• About this task
Pull each line containing "radius" from the data.

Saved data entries
[Start of Attachment]

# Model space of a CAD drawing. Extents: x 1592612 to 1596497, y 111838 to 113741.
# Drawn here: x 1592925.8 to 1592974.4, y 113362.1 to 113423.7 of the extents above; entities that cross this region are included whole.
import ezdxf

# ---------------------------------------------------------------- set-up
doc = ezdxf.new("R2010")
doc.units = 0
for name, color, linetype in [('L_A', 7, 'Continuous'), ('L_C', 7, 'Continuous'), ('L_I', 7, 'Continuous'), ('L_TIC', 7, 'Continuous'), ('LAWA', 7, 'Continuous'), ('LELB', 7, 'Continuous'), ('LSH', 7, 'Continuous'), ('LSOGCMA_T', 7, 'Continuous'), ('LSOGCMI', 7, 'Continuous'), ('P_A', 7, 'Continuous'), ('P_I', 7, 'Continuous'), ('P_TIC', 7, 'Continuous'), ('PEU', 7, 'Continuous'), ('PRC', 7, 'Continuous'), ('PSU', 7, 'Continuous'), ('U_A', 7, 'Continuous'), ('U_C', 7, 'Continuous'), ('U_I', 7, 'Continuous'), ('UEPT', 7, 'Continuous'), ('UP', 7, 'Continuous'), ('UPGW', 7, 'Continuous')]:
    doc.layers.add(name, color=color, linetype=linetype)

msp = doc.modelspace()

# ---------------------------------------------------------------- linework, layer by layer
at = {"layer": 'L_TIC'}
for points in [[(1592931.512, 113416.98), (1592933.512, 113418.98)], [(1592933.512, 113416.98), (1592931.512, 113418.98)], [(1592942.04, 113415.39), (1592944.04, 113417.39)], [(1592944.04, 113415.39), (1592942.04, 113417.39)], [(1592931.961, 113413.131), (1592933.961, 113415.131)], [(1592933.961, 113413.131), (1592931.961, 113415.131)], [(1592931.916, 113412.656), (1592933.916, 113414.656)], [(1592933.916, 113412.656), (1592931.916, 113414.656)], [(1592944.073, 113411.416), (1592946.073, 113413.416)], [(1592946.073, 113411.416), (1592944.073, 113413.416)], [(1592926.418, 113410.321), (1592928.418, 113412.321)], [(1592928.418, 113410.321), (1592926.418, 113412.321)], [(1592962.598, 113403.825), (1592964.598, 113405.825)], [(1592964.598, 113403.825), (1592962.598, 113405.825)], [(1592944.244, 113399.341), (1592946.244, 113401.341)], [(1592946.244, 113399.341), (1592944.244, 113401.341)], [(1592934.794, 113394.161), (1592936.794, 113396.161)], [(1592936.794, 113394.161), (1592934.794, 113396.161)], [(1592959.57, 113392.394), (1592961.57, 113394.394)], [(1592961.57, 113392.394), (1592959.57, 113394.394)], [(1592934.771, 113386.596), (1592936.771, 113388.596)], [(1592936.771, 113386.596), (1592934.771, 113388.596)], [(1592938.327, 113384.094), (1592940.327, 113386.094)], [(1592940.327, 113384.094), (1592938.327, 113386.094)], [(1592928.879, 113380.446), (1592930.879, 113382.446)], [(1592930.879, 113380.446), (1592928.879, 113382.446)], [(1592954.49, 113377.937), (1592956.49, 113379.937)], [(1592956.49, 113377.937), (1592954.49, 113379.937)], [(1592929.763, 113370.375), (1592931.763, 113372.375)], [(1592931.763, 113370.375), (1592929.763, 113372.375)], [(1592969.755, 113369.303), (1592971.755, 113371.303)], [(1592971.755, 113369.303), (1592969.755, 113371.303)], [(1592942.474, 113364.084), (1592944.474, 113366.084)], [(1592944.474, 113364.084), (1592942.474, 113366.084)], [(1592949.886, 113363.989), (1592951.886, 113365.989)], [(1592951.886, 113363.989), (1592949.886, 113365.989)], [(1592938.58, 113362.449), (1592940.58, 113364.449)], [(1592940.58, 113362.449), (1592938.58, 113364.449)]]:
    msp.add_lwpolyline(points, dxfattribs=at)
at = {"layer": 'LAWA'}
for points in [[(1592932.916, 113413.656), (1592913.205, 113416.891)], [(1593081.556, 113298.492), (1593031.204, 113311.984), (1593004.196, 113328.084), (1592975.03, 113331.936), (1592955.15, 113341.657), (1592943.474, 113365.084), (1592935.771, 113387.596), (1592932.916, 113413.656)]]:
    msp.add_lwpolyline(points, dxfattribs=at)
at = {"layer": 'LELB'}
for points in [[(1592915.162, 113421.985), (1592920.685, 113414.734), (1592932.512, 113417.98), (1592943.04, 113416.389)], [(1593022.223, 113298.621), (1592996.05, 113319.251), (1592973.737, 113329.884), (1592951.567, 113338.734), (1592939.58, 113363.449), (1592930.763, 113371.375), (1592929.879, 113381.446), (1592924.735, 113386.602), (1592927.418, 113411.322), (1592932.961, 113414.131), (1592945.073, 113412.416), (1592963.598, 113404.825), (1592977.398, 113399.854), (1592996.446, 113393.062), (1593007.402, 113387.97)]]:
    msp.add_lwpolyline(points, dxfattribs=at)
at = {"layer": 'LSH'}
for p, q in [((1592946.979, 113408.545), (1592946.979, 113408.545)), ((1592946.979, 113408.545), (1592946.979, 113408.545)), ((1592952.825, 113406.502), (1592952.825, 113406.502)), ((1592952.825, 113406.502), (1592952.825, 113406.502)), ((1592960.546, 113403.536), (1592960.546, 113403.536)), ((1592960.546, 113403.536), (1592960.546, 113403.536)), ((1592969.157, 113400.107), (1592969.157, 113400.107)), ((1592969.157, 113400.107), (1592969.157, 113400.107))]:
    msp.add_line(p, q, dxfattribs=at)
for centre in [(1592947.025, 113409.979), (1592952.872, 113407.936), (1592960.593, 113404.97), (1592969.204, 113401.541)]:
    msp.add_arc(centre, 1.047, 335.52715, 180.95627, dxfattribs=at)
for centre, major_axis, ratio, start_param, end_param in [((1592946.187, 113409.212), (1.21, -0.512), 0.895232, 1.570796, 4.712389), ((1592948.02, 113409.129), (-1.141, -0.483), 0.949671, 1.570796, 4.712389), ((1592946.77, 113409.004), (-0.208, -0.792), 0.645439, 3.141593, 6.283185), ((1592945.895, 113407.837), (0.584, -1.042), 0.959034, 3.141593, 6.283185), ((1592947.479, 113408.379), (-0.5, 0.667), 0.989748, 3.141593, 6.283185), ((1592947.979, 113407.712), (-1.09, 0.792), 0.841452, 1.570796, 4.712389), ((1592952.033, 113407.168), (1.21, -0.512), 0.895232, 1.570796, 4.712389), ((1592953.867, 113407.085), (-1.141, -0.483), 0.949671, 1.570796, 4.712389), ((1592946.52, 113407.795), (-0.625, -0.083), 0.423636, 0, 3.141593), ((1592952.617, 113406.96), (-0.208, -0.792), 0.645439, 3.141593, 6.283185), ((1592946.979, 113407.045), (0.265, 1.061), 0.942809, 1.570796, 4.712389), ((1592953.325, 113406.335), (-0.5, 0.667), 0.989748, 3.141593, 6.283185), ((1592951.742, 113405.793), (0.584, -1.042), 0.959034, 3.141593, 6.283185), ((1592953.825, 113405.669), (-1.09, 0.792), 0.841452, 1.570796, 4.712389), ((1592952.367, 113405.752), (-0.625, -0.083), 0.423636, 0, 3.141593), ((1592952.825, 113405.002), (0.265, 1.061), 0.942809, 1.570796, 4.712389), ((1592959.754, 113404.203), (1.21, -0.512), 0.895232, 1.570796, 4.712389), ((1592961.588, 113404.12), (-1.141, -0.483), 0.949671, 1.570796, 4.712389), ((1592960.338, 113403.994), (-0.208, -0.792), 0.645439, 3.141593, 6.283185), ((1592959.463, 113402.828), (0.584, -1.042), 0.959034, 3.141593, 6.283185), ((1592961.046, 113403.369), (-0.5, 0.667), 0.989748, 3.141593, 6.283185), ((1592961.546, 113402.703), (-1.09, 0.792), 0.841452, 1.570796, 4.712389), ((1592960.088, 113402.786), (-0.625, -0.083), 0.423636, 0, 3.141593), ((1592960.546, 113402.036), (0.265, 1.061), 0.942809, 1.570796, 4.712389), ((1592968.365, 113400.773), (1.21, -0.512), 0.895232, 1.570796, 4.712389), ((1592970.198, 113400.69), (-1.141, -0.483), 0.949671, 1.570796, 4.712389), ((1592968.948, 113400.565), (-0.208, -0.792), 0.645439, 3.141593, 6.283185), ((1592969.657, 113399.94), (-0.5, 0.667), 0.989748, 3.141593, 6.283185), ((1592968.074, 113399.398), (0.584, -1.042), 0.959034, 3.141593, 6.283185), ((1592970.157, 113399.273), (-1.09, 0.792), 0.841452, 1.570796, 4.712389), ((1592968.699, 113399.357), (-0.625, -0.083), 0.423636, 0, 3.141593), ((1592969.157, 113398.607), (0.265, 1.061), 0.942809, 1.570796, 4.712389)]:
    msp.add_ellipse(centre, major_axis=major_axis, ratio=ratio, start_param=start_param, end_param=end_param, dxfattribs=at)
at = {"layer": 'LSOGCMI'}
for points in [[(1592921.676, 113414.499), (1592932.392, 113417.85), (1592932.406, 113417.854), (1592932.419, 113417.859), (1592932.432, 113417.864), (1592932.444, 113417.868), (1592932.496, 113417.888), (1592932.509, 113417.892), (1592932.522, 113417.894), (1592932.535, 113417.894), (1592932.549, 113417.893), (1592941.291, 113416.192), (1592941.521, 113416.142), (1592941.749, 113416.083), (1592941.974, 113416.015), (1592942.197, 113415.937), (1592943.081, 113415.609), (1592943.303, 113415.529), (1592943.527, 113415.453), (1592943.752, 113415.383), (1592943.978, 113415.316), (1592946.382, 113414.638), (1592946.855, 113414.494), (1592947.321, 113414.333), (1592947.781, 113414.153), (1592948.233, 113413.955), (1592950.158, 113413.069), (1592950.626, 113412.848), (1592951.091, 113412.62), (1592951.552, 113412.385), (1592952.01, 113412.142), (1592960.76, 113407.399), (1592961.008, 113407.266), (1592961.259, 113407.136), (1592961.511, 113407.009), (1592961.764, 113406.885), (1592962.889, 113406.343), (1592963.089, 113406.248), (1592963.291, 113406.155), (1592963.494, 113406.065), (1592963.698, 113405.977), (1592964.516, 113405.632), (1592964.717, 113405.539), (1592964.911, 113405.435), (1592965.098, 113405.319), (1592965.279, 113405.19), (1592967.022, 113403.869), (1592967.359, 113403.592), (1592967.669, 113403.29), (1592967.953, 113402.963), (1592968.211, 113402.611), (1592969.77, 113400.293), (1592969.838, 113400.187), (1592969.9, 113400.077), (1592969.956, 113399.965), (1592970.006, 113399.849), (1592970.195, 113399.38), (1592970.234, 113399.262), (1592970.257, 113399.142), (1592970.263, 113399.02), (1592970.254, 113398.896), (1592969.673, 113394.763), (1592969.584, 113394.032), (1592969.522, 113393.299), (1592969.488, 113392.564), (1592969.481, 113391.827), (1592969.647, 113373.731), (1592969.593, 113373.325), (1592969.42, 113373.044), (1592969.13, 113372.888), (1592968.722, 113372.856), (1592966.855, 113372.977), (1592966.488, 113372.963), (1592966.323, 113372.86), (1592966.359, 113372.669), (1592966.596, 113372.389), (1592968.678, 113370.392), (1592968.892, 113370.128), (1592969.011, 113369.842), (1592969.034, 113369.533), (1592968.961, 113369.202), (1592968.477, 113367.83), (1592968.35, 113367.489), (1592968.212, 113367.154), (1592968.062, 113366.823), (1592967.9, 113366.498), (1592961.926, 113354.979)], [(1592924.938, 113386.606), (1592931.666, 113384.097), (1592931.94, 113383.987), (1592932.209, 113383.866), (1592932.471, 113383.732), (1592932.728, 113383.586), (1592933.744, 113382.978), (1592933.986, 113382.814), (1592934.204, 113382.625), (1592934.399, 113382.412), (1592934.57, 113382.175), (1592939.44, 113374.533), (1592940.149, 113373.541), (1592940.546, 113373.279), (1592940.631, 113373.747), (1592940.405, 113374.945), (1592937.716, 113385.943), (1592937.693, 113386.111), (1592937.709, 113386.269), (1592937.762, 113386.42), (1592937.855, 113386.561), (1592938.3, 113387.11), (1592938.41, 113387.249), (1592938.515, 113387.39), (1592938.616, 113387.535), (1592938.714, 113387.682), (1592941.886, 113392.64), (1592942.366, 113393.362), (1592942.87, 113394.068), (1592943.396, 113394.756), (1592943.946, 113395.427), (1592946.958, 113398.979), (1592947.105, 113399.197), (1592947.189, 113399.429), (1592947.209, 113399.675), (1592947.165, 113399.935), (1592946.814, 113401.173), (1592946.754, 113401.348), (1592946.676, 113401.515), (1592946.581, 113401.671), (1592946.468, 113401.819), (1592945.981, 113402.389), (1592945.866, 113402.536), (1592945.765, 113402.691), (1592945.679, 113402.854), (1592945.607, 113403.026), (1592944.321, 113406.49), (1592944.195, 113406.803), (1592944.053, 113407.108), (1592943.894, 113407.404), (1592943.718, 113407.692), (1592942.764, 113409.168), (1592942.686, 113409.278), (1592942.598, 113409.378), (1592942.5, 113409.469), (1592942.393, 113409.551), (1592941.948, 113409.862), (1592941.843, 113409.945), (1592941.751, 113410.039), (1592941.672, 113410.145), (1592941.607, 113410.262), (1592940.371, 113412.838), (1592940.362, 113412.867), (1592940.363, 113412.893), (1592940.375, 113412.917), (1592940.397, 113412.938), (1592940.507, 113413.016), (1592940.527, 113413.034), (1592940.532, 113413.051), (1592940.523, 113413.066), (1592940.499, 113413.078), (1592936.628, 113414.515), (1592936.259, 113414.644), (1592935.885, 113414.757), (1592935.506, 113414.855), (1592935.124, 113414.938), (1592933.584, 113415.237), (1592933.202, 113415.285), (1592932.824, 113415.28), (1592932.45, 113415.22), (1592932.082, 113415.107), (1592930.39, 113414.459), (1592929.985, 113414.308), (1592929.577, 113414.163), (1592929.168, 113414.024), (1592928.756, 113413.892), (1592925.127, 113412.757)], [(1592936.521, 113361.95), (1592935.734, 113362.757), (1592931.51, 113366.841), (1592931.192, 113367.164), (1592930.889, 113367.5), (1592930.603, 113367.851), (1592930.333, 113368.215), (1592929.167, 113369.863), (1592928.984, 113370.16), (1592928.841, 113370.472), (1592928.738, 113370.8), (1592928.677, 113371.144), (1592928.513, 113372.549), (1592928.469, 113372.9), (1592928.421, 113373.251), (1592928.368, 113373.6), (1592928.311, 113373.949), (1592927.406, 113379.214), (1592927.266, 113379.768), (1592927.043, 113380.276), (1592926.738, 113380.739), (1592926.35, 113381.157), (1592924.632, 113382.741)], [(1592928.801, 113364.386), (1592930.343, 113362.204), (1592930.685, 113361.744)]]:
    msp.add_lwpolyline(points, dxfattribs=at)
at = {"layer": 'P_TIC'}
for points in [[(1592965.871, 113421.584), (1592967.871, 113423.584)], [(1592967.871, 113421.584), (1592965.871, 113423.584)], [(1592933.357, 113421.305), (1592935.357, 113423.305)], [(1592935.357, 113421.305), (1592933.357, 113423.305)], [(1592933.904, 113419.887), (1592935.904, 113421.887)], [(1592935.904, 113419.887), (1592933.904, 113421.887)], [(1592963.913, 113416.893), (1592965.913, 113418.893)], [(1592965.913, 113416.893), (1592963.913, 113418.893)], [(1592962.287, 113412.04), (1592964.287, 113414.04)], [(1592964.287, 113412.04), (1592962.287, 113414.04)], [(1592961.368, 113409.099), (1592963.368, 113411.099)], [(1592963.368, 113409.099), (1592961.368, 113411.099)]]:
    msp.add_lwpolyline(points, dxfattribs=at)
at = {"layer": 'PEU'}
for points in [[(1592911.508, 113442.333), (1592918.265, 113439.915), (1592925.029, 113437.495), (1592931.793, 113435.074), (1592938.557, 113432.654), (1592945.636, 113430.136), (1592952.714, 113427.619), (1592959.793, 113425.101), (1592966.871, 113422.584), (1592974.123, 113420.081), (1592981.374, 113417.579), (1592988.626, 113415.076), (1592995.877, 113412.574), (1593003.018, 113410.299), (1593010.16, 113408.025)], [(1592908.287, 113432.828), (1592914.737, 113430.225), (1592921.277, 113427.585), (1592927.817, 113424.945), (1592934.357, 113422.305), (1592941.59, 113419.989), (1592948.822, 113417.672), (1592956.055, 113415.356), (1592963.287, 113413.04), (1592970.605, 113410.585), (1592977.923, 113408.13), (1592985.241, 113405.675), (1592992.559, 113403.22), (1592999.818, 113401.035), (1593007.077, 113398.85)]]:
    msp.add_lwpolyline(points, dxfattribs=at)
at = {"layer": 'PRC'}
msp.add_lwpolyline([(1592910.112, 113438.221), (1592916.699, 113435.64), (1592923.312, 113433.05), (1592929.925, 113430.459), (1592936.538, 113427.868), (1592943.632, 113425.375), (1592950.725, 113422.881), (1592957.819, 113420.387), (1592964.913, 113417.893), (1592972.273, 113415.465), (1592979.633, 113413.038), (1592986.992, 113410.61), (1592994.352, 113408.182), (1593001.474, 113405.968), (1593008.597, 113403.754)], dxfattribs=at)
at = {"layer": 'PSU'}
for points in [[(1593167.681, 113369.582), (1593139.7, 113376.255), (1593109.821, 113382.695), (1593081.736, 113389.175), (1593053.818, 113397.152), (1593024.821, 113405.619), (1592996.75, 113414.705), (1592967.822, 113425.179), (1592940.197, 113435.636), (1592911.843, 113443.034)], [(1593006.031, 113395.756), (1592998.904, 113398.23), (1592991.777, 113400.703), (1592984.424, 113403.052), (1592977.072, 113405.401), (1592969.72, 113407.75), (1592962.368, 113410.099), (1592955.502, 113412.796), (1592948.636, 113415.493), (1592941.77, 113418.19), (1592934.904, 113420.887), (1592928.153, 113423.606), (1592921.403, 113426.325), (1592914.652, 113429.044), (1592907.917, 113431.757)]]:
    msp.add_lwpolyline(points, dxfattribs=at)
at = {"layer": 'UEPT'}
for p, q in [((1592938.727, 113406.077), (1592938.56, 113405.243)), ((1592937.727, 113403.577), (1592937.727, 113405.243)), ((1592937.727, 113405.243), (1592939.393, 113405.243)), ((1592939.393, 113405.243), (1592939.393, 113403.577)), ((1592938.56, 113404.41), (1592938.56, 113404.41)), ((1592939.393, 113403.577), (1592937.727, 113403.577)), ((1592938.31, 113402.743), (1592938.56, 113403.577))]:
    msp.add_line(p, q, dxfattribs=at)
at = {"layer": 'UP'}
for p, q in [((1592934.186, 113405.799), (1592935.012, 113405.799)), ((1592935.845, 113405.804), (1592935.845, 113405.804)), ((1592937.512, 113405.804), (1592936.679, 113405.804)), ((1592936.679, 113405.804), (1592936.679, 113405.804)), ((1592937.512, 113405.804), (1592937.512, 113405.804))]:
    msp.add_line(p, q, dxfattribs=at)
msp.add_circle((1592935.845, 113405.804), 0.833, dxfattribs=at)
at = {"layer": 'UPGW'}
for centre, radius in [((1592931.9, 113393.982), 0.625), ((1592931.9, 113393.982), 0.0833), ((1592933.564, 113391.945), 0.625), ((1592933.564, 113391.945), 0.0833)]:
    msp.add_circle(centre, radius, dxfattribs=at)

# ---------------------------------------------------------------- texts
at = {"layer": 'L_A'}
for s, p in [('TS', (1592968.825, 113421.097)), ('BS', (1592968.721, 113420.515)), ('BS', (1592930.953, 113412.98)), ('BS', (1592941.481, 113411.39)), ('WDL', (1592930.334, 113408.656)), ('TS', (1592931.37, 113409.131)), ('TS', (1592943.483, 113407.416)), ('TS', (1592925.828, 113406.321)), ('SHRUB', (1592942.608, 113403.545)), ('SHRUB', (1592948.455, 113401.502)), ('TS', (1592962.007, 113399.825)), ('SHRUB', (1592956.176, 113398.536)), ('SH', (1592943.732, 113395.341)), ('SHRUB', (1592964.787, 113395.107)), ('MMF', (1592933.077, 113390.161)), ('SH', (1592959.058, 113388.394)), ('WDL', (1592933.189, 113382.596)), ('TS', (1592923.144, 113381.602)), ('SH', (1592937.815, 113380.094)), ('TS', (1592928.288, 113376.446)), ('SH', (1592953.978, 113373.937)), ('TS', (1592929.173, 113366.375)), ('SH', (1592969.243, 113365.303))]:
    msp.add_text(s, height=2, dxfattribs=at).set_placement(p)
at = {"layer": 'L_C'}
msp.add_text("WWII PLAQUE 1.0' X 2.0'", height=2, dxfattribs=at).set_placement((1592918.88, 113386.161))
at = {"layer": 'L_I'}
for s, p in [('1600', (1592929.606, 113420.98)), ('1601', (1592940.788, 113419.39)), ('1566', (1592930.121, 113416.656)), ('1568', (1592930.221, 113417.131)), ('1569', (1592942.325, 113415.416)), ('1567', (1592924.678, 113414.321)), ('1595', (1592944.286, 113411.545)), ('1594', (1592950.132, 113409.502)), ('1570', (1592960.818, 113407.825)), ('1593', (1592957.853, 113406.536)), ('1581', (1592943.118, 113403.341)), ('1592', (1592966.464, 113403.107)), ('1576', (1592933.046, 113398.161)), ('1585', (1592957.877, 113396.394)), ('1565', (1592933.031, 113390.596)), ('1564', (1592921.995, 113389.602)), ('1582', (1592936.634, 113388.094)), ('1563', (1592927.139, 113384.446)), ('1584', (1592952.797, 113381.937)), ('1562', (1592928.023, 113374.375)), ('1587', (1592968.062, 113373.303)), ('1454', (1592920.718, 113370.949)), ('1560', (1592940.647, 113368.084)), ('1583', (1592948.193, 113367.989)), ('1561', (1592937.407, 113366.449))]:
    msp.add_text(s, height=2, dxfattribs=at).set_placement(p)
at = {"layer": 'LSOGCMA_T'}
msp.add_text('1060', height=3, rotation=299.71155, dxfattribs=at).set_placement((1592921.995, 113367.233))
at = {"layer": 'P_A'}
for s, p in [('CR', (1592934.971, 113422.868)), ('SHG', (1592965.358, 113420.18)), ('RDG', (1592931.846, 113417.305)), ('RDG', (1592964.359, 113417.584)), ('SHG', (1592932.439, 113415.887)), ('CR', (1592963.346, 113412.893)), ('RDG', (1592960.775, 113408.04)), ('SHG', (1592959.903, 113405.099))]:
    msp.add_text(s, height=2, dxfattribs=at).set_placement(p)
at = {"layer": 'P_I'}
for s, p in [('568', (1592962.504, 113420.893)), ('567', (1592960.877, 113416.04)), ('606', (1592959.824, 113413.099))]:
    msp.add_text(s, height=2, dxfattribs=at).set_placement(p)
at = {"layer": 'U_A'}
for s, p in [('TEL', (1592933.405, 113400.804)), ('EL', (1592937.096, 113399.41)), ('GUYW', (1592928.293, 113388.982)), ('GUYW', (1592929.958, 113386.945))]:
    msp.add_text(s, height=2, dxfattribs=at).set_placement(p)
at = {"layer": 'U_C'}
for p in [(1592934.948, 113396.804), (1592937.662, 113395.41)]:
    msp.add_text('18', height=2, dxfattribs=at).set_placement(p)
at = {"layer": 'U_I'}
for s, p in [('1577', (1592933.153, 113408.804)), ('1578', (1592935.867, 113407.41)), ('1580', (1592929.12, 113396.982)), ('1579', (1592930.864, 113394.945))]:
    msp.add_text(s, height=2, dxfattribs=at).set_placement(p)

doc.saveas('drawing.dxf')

[End of Attachment]

• Reply
for centre, radius in [((1592931.9, 113393.982), 0.625), ((1592931.9, 113393.982), 0.0833), ((1592933.564, 113391.945), 0.625), ((1592933.564, 113391.945), 0.0833)]:
    msp.add_circle(centre, radius, dxfattribs=at)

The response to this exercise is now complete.